(Items listed in a dataset)
· · · · · · ·

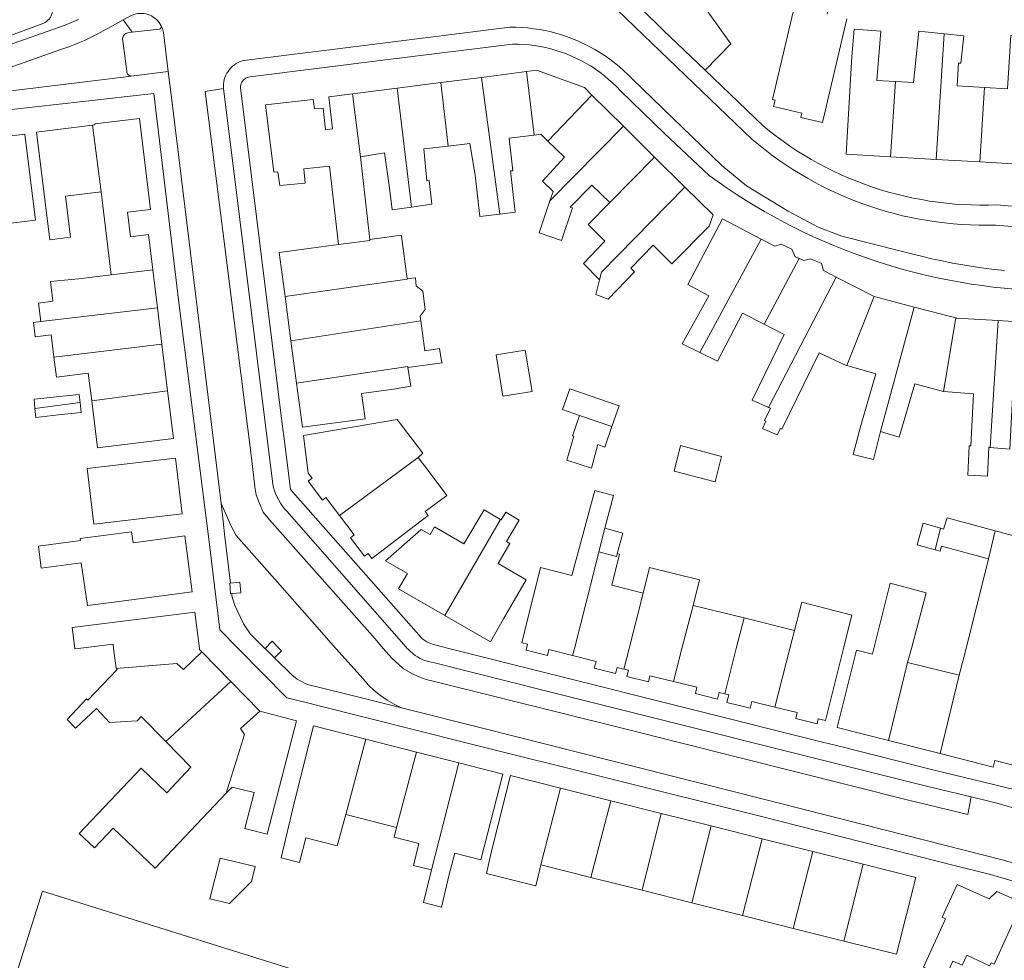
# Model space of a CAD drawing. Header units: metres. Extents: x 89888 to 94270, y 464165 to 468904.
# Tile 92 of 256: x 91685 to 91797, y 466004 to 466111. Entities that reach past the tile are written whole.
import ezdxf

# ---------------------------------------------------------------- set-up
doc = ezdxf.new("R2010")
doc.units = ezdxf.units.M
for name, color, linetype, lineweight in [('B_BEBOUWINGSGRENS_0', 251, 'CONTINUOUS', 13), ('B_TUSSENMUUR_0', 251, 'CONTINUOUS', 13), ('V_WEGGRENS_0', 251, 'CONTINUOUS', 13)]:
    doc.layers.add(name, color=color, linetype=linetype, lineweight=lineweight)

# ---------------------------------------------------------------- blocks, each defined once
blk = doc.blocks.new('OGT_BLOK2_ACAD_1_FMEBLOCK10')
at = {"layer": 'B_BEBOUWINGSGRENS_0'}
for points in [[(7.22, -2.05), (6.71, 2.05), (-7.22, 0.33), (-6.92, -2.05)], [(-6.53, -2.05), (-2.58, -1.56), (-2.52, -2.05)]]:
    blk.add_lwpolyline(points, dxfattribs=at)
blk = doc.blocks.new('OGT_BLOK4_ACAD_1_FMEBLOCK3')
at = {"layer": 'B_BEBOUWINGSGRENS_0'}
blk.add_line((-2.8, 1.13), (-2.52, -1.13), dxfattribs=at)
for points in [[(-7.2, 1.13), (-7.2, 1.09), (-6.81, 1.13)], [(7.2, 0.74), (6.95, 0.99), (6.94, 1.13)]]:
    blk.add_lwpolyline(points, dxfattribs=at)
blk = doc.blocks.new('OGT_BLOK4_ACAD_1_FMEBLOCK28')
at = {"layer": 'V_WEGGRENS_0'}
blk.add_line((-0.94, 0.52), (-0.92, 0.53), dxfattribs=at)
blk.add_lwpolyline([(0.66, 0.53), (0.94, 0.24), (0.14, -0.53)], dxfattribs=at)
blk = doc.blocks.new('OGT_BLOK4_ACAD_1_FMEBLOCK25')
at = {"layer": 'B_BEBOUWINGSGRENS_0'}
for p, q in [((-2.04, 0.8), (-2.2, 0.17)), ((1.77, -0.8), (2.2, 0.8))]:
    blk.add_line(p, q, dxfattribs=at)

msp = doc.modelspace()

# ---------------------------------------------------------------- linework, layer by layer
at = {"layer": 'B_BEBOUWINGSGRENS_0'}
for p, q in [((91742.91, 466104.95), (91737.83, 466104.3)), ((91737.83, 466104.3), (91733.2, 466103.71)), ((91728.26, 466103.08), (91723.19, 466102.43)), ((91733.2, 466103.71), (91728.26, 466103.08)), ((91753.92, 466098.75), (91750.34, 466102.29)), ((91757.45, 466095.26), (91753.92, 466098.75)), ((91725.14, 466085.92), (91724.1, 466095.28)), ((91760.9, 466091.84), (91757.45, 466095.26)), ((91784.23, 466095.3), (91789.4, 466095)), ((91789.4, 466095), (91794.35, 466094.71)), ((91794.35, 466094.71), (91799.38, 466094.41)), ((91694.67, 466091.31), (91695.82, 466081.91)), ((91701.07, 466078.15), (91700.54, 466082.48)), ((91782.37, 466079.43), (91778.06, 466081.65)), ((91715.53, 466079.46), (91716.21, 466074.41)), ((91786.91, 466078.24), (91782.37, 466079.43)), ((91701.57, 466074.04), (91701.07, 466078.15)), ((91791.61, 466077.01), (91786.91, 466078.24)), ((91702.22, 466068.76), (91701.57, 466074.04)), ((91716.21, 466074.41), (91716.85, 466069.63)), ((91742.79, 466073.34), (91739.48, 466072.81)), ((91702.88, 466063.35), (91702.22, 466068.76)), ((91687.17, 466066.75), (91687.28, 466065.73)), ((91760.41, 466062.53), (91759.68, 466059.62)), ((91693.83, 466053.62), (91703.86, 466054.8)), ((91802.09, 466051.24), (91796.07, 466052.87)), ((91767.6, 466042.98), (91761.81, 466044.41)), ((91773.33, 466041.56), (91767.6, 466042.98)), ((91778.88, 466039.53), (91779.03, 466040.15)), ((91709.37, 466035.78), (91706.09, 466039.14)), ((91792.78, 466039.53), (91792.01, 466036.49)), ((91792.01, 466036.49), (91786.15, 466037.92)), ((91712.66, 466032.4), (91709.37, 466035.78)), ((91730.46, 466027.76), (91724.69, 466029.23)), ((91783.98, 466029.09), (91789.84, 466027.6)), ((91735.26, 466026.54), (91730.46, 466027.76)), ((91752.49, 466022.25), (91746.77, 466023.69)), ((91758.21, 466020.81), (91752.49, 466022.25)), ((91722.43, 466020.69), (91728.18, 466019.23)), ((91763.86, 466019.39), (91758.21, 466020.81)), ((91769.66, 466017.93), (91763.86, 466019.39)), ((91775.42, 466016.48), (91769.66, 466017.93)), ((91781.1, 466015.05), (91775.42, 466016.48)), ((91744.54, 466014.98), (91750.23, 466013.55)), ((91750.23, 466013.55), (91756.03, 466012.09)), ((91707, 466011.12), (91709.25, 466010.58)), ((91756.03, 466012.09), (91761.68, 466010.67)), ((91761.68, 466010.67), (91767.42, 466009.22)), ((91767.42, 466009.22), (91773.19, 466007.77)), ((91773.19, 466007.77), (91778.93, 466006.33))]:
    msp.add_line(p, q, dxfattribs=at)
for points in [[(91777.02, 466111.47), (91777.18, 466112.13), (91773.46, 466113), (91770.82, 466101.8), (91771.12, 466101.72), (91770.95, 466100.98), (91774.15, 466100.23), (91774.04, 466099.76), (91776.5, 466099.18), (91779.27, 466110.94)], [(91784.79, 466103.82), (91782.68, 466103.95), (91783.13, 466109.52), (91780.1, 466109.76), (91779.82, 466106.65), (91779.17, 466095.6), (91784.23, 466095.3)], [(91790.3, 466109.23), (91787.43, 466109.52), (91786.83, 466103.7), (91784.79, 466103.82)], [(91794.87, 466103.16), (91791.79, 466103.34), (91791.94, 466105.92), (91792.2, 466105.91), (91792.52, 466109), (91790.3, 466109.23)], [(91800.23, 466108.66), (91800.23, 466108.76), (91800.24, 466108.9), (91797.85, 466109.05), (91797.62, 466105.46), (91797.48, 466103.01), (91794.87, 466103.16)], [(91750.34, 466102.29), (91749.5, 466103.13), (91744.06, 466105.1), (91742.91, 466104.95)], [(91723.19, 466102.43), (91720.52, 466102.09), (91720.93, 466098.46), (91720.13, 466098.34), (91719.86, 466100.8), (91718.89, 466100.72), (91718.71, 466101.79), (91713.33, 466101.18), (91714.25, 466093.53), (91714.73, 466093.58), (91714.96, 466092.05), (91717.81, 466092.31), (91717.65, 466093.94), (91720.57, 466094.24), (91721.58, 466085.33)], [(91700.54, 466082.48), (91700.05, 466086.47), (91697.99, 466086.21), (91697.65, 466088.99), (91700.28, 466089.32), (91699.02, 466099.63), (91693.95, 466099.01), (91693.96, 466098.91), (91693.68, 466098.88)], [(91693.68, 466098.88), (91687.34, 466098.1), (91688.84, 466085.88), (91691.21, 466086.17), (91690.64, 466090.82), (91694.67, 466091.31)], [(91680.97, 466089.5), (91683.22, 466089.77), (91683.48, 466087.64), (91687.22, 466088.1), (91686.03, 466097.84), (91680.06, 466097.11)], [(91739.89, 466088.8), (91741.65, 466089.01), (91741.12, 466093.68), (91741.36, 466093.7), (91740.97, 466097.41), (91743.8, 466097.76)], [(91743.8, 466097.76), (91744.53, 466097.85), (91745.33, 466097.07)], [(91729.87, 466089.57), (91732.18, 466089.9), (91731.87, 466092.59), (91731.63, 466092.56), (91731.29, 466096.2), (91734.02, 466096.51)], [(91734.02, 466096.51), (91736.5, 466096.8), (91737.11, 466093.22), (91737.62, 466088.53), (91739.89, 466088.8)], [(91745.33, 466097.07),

· · · · · · ·

Search the entries for the string "blocks". Copy every line that has it.

Reply:
# ---------------------------------------------------------------- blocks, each defined once
blk = doc.blocks.new('OGT_BLOK2_ACAD_1_FMEBLOCK10')
blk = doc.blocks.new('OGT_BLOK4_ACAD_1_FMEBLOCK3')
blk = doc.blocks.new('OGT_BLOK4_ACAD_1_FMEBLOCK28')
blk = doc.blocks.new('OGT_BLOK4_ACAD_1_FMEBLOCK25')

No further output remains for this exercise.